Sometimes the observed data do not support the inclusion of the area effects in the model. Excluding the area effects leads to the regression-synthetic estimator. Using this idea, Datta, Hall and Mandal (2011) proposed to do a preliminary test for the presence of the area random effects at a specified significance level, and then to define the small area estimator depending on the result of the test. If the null hypothesis of no area random effects is not rejected, the model without the area effects is considered to estimate the small area means, i.e., the regression-synthetic estimator is used. If the null hypothesis is rejected, the usual EBLUP under the FH model model with area effects is used. Datta et al. (2011) remarked that the above preliminary test estimator (PTE) could lead to significant efficiency gains over the EBLUP, particularly when the number of small areas is only modest in size. For preliminary testing, they considered a normality-based test as well as a bootstrap test that avoids the normality assumption.

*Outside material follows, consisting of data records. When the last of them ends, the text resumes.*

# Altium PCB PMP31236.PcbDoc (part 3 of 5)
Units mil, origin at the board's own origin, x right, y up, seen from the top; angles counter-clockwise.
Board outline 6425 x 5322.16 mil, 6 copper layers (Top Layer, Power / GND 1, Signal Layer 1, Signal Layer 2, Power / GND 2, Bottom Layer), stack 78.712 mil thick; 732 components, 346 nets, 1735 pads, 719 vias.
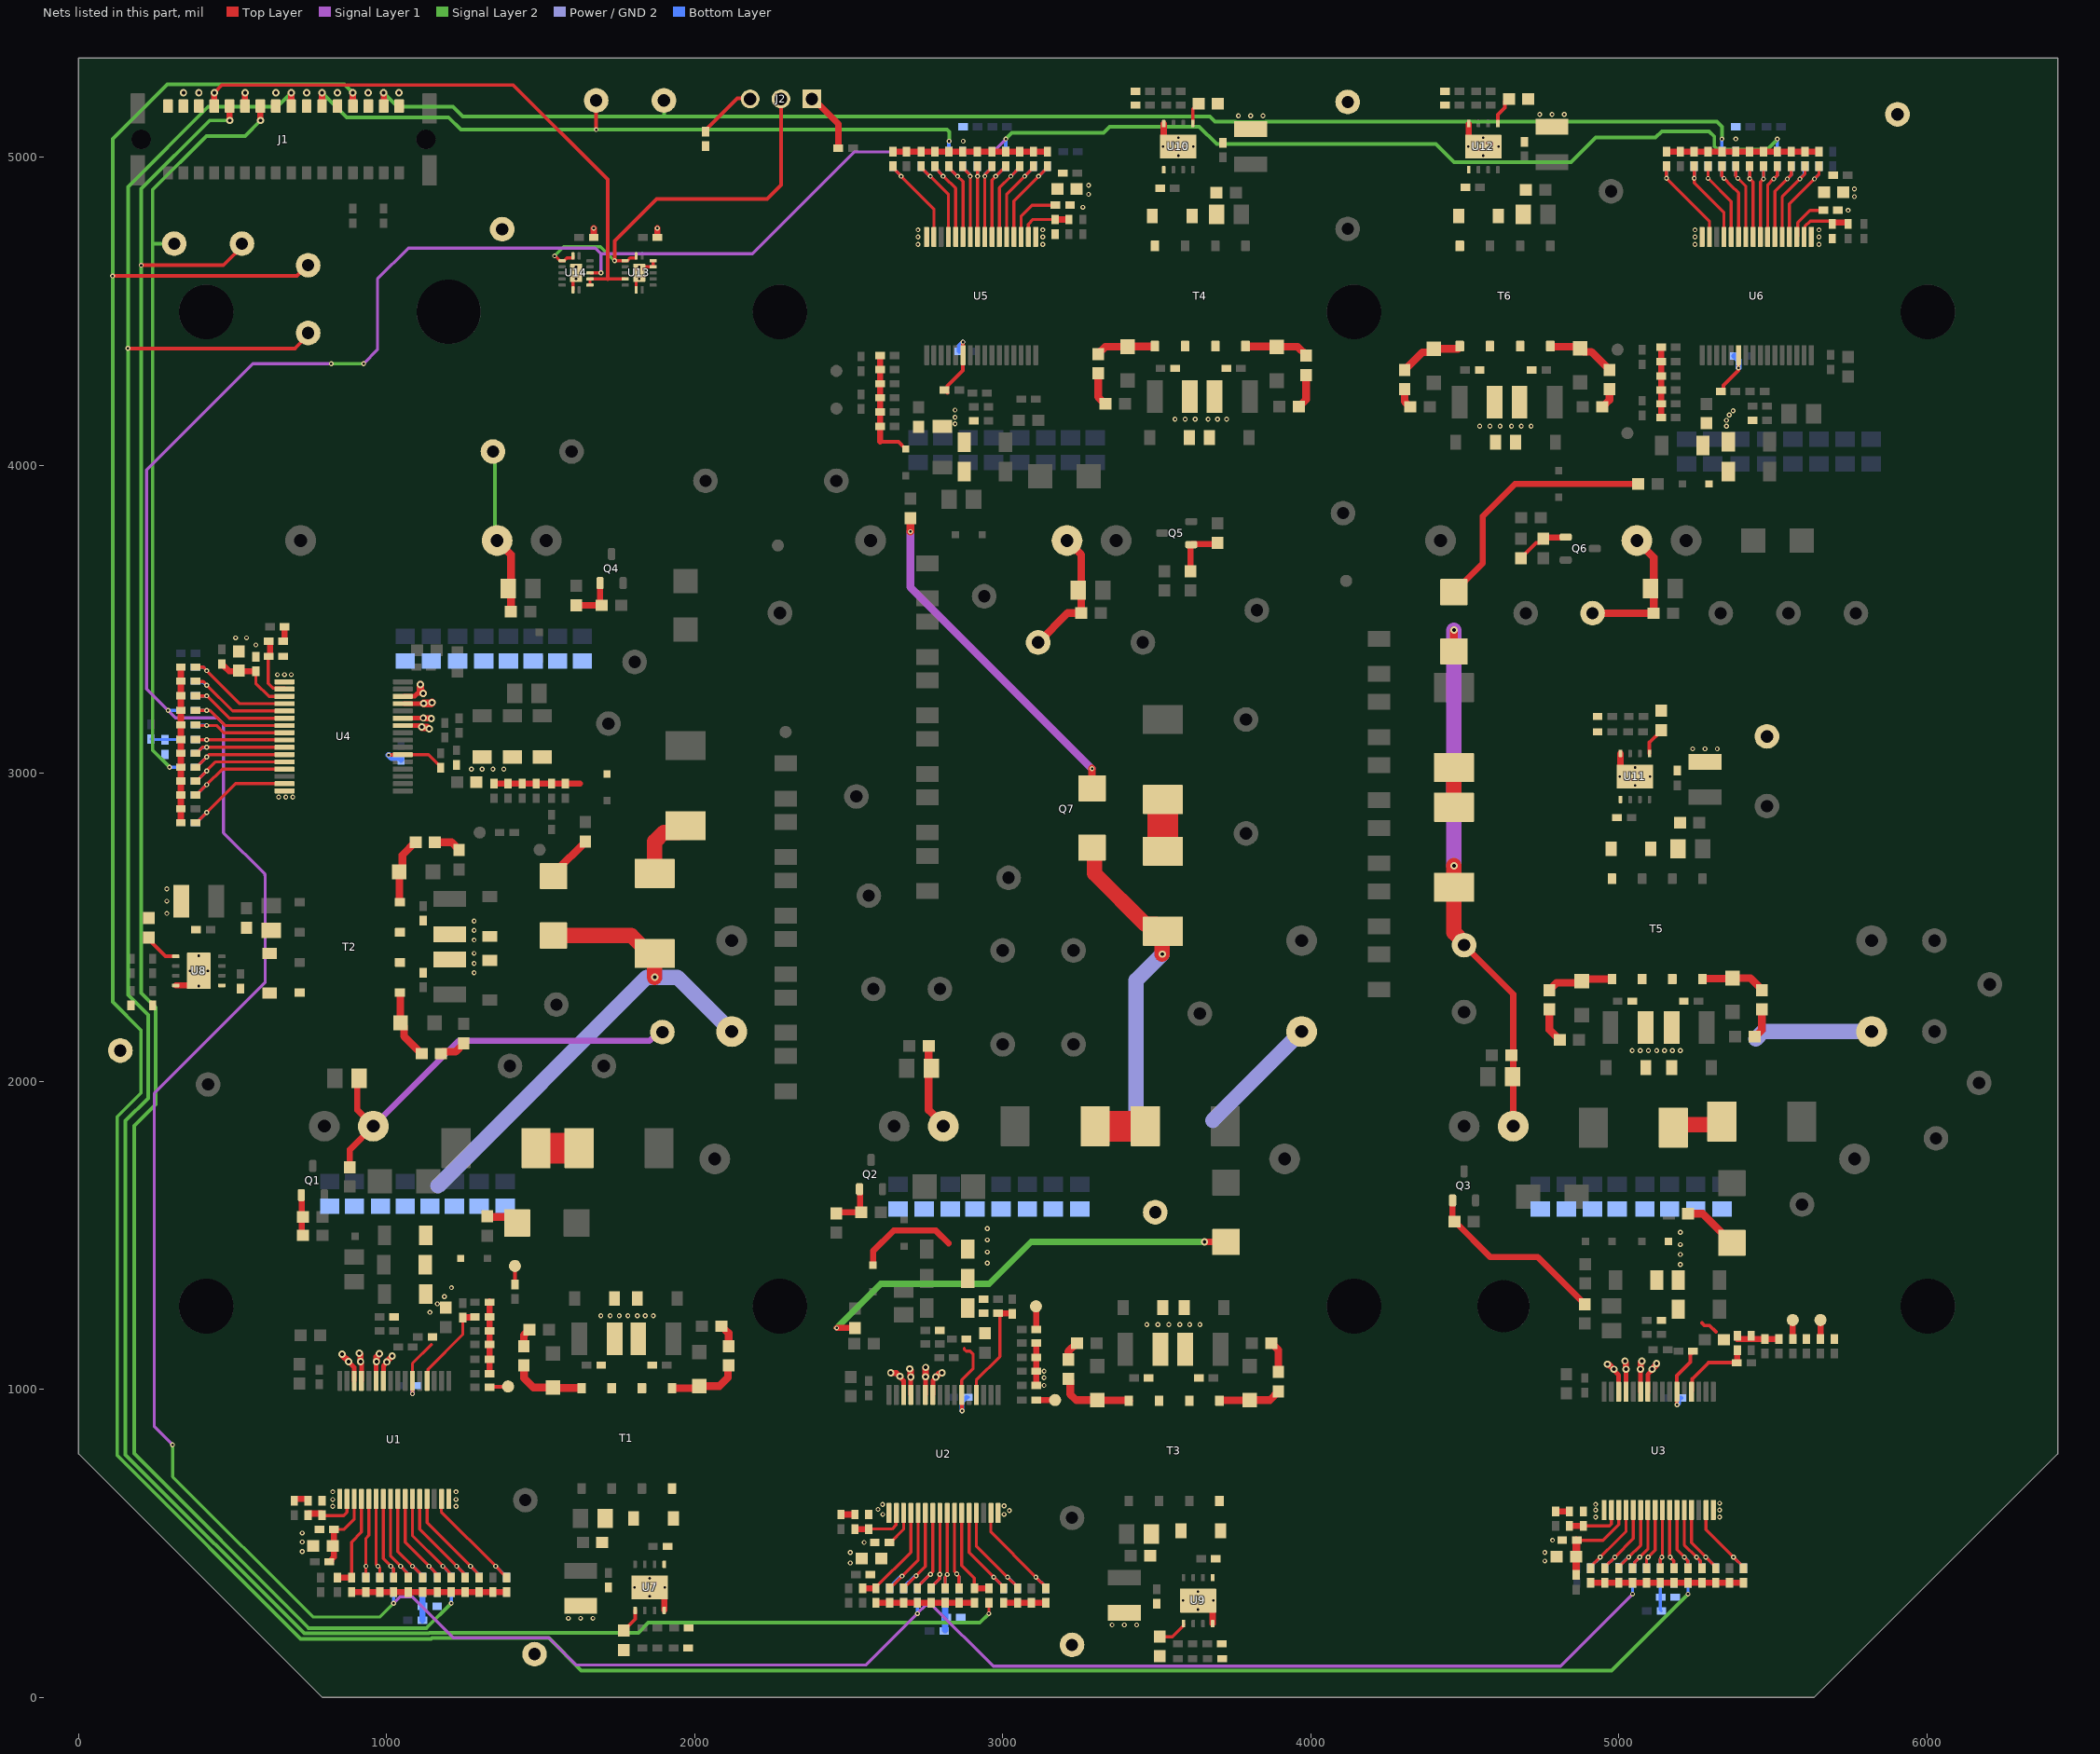
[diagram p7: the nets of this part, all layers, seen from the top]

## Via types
v1: diameter 15.75, hole 7.87, Top Layer to Bottom Layer, tented both sides, 599 vias
v2: diameter 23.62, hole 11.81, Top Layer to Bottom Layer, tented both sides, 92 vias
v3: diameter 19.68, hole 7.87, Top Layer to Bottom Layer, tented both sides, 28 vias

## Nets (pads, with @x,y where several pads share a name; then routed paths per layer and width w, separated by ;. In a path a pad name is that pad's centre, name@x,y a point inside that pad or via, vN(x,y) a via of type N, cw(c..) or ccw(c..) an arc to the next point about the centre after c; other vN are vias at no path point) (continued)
GD2: R18.1 R56.1 R94.1 R130.1 R173.1 R216.1 U14.11 | length 15373.5
  Top Layer w10: U14.11@1660,4625 v1(1695.56,4625)
  Signal Layer 1 w10: v1(304.72,819.93) 245,879.65 245,1960.01 605.35,2320.37 605.35,2667.18 604.33,2668.2 604.33,2672.7 470,2807.03 470,3160 450.04,3179.96 314.45,3179.96 v1(290.22,3204.19) 220,3274.41 220,3985 565,4330 v1(820,4330) ; v1(925,4330) 970,4375 970,4605 1070,4705 1677.67,4705 1695.56,4687.11 ; v1(1022.51,305) 1043.73,326.22 1082.1,326.22 1215.23,193.08 1525.43,193.08 1613.51,105 2556.67,105 v1(2723.05,271.38) 2723.05,272.93 2748.43,298.31 2771.69,298.31 2969.23,100.77 4810.77,100.77 v1(5045,335) ; v1(1695.56,4625) 1695.56,4687.11 ; v1(3010,5060) 2967.85,5017.85 2517.85,5017.85 2187.11,4687.11 1695.56,4687.11
  Signal Layer 2 w10: v1(304.72,819.93) 304.72,716.03 760,260.75 978.26,260.75 v1(1022.51,305) ; v1(820,4330) v1(925,4330)
  Signal Layer 2 w12: v1(3010,5060) 3030,5080 3327.06,5080 3347.06,5100 3637.9,5100 3694.73,5043.17 4405.76,5043.17 4464.82,4984.12 4845.17,4984.12 4925.18,5064.13 5119.13,5064.13 5140,5085 5292.97,5085 5310.5,5067.47 5310.5,5036.55 5321.41,5025.65 5481.66,5025.65 5515,5058.99 v1(5515,5060)
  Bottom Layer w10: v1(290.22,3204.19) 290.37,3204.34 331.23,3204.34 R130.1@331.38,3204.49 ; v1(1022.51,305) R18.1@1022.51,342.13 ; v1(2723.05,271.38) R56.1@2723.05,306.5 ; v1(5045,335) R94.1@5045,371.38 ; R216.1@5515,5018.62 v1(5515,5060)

When the estimated area effects variance is zero, the EBLUP becomes automatically the regression-synthetic estimator. However, the estimated MSE obtained by Prasad and Rao (1990) or Datta and Lahiri (2000) does not reduce to the estimated MSE of the regression-synthetic estimator. Thus, the usual MSE estimators are biased for small random effects variance. For this reason, we propose MSE estimators of the EBLUP based on the preliminary testing procedure. If the random effects variance is not significant according to the test, we consider the MSE estimator of the synthetic estimator. Otherwise, we consider the usual MSE estimators of the EBLUP.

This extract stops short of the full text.